**Exercise prompt**
Give back exactly the lines of the data below, starting with the line that has "39.75 270 top" and going on through the line that has "18.96 180 top".
*** Opening Data excerpts ***
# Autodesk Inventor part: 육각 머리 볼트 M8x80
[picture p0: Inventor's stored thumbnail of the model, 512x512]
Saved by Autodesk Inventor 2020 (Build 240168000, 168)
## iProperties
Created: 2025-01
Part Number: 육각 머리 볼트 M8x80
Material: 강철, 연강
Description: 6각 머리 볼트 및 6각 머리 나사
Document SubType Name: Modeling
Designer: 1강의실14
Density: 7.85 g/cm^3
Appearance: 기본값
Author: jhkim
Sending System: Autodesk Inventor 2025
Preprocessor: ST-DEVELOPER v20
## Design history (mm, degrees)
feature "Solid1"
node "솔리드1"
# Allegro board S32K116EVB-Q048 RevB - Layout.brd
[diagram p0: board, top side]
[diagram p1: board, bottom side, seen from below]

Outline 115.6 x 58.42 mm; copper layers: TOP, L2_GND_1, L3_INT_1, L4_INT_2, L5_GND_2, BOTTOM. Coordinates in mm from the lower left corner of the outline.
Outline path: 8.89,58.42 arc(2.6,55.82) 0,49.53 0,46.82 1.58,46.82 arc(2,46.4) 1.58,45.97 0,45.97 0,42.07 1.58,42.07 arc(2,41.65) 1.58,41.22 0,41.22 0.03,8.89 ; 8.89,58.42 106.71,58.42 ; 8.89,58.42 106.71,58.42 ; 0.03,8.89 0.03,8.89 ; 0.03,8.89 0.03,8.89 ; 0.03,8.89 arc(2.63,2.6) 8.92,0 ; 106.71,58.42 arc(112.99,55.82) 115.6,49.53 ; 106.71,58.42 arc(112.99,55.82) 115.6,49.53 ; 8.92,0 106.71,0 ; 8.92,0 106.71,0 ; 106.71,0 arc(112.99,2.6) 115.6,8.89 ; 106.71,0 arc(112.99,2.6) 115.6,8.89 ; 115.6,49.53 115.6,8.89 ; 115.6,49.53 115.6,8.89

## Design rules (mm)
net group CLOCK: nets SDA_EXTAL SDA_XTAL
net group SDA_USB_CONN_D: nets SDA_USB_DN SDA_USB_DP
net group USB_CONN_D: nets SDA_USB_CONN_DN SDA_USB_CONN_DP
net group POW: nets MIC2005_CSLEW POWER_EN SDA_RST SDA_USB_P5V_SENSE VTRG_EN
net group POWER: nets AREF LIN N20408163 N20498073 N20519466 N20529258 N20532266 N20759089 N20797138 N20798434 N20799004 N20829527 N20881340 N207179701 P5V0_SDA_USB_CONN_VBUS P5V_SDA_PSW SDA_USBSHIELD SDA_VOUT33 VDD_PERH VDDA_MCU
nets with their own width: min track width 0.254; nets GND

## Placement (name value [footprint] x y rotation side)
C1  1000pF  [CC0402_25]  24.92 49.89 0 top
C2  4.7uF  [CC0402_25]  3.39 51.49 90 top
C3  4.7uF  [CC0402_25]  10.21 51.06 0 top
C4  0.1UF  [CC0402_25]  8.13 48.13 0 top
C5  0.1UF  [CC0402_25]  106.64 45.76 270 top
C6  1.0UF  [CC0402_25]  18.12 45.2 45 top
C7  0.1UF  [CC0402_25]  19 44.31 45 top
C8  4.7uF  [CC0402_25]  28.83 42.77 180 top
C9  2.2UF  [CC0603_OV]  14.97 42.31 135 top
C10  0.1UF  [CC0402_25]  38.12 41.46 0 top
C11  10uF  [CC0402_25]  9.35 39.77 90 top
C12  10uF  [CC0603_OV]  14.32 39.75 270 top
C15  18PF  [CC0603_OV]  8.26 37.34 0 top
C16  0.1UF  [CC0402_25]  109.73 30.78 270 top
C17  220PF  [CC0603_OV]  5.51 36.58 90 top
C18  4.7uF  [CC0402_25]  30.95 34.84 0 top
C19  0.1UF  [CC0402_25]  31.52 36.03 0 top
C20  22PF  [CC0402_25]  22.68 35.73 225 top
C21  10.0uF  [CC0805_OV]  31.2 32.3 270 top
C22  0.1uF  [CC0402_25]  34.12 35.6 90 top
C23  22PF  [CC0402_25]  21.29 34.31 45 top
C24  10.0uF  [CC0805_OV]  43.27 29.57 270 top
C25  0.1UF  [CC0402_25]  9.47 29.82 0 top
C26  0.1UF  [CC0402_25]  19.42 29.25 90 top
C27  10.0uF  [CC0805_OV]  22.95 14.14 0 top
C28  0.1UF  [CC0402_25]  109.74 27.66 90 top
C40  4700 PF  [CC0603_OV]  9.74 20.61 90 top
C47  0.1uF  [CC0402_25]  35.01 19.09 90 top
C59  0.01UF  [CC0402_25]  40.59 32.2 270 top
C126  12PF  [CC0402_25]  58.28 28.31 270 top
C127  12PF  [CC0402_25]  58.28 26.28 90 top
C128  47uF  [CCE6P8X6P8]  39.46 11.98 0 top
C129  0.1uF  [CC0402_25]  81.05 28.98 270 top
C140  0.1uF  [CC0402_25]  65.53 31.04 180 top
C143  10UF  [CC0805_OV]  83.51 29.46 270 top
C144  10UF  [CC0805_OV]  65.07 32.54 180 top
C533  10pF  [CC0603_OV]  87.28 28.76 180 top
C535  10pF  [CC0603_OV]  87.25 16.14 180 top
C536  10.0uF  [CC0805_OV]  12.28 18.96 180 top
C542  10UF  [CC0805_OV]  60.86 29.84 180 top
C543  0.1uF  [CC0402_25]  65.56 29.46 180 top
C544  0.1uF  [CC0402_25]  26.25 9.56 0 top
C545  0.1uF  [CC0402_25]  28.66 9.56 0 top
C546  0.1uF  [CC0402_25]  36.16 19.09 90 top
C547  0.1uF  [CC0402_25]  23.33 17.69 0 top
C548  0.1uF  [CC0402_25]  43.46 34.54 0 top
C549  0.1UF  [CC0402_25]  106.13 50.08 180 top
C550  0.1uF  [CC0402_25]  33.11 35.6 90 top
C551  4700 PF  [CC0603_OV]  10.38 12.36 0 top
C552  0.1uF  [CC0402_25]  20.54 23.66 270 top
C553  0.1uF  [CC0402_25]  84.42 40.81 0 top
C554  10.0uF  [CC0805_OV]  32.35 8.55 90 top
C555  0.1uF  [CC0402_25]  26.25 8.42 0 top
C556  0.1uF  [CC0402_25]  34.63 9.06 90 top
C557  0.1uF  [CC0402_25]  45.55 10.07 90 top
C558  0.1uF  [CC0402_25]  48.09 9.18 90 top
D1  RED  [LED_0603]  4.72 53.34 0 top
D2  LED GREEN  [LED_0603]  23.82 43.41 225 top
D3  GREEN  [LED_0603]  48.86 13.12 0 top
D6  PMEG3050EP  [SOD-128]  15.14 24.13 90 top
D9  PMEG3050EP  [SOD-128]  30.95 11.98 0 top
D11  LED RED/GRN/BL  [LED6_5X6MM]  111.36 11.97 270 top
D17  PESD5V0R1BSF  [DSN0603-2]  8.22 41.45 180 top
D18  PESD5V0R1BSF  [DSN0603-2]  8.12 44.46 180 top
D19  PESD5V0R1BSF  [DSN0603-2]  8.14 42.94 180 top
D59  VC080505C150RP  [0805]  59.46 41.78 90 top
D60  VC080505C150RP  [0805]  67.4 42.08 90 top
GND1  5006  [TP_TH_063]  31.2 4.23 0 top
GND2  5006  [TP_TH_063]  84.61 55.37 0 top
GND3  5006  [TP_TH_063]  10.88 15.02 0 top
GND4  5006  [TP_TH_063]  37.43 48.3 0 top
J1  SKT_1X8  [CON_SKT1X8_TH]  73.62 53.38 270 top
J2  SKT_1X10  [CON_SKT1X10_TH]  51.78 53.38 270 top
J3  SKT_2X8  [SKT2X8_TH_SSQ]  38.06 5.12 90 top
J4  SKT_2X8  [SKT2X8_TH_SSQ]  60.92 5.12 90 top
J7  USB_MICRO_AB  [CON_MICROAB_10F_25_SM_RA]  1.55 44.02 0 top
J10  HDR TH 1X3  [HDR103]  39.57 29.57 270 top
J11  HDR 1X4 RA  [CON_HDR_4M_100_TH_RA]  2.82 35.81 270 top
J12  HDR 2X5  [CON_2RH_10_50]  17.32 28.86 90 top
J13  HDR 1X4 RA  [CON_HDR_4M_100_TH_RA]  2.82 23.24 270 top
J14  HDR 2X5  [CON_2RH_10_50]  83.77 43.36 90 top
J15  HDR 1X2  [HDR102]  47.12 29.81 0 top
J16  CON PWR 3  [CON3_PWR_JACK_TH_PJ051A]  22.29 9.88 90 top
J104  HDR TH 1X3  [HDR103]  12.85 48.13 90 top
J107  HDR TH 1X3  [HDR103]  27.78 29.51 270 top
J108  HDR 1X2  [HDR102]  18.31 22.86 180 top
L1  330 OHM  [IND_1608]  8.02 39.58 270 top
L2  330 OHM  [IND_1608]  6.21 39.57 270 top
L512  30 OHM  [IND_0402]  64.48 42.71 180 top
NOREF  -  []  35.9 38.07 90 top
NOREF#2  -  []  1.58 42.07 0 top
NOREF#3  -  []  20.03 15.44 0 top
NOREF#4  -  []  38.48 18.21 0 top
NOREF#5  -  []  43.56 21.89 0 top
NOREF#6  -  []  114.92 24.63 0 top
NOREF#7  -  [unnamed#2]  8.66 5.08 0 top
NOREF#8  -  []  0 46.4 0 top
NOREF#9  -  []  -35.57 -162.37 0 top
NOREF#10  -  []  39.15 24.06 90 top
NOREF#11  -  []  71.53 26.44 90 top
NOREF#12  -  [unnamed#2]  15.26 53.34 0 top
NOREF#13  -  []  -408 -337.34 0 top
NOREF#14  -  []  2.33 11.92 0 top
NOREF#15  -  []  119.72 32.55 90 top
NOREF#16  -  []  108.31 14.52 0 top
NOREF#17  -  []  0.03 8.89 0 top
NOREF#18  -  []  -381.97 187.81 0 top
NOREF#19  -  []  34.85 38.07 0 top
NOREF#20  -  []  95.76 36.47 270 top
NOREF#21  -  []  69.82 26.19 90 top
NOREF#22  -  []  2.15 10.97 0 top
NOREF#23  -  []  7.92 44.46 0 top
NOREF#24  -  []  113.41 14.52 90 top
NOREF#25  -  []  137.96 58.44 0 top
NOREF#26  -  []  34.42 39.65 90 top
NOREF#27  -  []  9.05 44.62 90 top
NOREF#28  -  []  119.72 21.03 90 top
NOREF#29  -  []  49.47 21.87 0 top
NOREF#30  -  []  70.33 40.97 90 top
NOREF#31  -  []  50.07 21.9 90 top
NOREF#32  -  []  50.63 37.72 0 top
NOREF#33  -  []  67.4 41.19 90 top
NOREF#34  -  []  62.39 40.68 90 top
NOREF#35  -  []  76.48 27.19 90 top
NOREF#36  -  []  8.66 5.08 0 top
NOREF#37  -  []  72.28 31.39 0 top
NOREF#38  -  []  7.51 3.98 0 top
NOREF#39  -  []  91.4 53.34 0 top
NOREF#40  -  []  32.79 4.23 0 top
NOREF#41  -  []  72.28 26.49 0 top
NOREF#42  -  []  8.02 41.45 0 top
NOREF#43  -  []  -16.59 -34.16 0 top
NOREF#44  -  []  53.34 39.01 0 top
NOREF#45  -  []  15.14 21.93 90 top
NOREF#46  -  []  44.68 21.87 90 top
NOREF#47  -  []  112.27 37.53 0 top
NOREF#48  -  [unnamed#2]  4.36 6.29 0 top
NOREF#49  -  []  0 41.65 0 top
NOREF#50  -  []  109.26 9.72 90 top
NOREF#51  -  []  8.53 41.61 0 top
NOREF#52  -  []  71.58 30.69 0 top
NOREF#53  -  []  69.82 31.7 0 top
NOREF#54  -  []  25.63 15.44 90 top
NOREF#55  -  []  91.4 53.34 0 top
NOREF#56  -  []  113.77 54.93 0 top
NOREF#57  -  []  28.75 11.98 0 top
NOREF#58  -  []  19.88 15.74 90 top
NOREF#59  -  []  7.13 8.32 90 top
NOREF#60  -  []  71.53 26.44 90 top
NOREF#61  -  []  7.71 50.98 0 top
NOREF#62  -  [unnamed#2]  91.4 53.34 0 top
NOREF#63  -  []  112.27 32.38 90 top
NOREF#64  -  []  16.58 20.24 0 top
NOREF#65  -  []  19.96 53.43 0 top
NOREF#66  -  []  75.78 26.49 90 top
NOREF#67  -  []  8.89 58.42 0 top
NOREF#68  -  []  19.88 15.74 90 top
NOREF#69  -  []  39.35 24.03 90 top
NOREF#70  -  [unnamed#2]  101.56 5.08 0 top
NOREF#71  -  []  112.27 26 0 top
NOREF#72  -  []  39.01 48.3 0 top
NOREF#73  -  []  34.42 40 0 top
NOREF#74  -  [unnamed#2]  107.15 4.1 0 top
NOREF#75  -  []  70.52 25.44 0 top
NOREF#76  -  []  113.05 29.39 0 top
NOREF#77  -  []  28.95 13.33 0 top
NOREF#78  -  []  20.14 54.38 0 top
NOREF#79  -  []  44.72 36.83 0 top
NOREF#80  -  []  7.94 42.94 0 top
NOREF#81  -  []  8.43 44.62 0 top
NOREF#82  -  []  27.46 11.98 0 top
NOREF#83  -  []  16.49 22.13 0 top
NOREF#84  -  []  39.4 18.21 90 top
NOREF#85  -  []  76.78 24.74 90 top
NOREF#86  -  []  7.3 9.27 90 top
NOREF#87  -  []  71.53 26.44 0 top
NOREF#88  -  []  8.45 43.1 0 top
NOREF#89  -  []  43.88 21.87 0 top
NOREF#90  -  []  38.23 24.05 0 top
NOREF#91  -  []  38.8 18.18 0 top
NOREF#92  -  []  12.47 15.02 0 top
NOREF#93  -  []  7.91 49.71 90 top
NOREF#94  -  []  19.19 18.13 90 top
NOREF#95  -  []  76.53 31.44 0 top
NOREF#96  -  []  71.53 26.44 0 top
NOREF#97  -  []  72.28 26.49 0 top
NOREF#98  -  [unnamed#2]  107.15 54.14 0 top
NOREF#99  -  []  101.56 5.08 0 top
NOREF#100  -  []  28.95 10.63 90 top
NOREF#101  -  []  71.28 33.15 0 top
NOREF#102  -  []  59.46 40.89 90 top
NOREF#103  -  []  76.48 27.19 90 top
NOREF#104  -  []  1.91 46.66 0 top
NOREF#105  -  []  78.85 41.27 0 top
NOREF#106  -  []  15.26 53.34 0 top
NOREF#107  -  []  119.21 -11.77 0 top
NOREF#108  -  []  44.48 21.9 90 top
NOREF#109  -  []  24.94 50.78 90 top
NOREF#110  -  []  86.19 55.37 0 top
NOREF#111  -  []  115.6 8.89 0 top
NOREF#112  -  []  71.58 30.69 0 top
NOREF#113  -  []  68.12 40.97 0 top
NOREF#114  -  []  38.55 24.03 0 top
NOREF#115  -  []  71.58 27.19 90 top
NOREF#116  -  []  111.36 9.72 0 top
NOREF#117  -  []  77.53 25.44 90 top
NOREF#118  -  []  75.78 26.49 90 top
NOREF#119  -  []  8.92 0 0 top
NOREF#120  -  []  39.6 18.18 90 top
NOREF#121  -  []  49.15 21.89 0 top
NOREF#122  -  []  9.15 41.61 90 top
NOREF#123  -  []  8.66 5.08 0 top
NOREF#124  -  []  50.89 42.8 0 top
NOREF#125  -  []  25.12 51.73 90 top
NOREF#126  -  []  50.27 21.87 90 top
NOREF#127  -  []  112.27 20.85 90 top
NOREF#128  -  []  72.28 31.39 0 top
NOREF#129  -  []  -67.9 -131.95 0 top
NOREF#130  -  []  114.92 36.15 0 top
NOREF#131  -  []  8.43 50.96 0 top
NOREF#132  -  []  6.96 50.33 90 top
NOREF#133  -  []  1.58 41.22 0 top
*** Closing Data excerpts ***
**Solution below**
C12  10uF  [CC0603_OV]  14.32 39.75 270 top
C15  18PF  [CC0603_OV]  8.26 37.34 0 top
C16  0.1UF  [CC0402_25]  109.73 30.78 270 top
C17  220PF  [CC0603_OV]  5.51 36.58 90 top
C18  4.7uF  [CC0402_25]  30.95 34.84 0 top
C19  0.1UF  [CC0402_25]  31.52 36.03 0 top
C20  22PF  [CC0402_25]  22.68 35.73 225 top
C21  10.0uF  [CC0805_OV]  31.2 32.3 270 top
C22  0.1uF  [CC0402_25]  34.12 35.6 90 top
C23  22PF  [CC0402_25]  21.29 34.31 45 top
C24  10.0uF  [CC0805_OV]  43.27 29.57 270 top
C25  0.1UF  [CC0402_25]  9.47 29.82 0 top
C26  0.1UF  [CC0402_25]  19.42 29.25 90 top
C27  10.0uF  [CC0805_OV]  22.95 14.14 0 top
C28  0.1UF  [CC0402_25]  109.74 27.66 90 top
C40  4700 PF  [CC0603_OV]  9.74 20.61 90 top
C47  0.1uF  [CC0402_25]  35.01 19.09 90 top
C59  0.01UF  [CC0402_25]  40.59 32.2 270 top
C126  12PF  [CC0402_25]  58.28 28.31 270 top
C127  12PF  [CC0402_25]  58.28 26.28 90 top
C128  47uF  [CCE6P8X6P8]  39.46 11.98 0 top
C129  0.1uF  [CC0402_25]  81.05 28.98 270 top
C140  0.1uF  [CC0402_25]  65.53 31.04 180 top
C143  10UF  [CC0805_OV]  83.51 29.46 270 top
C144  10UF  [CC0805_OV]  65.07 32.54 180 top
C533  10pF  [CC0603_OV]  87.28 28.76 180 top
C535  10pF  [CC0603_OV]  87.25 16.14 180 top
C536  10.0uF  [CC0805_OV]  12.28 18.96 180 top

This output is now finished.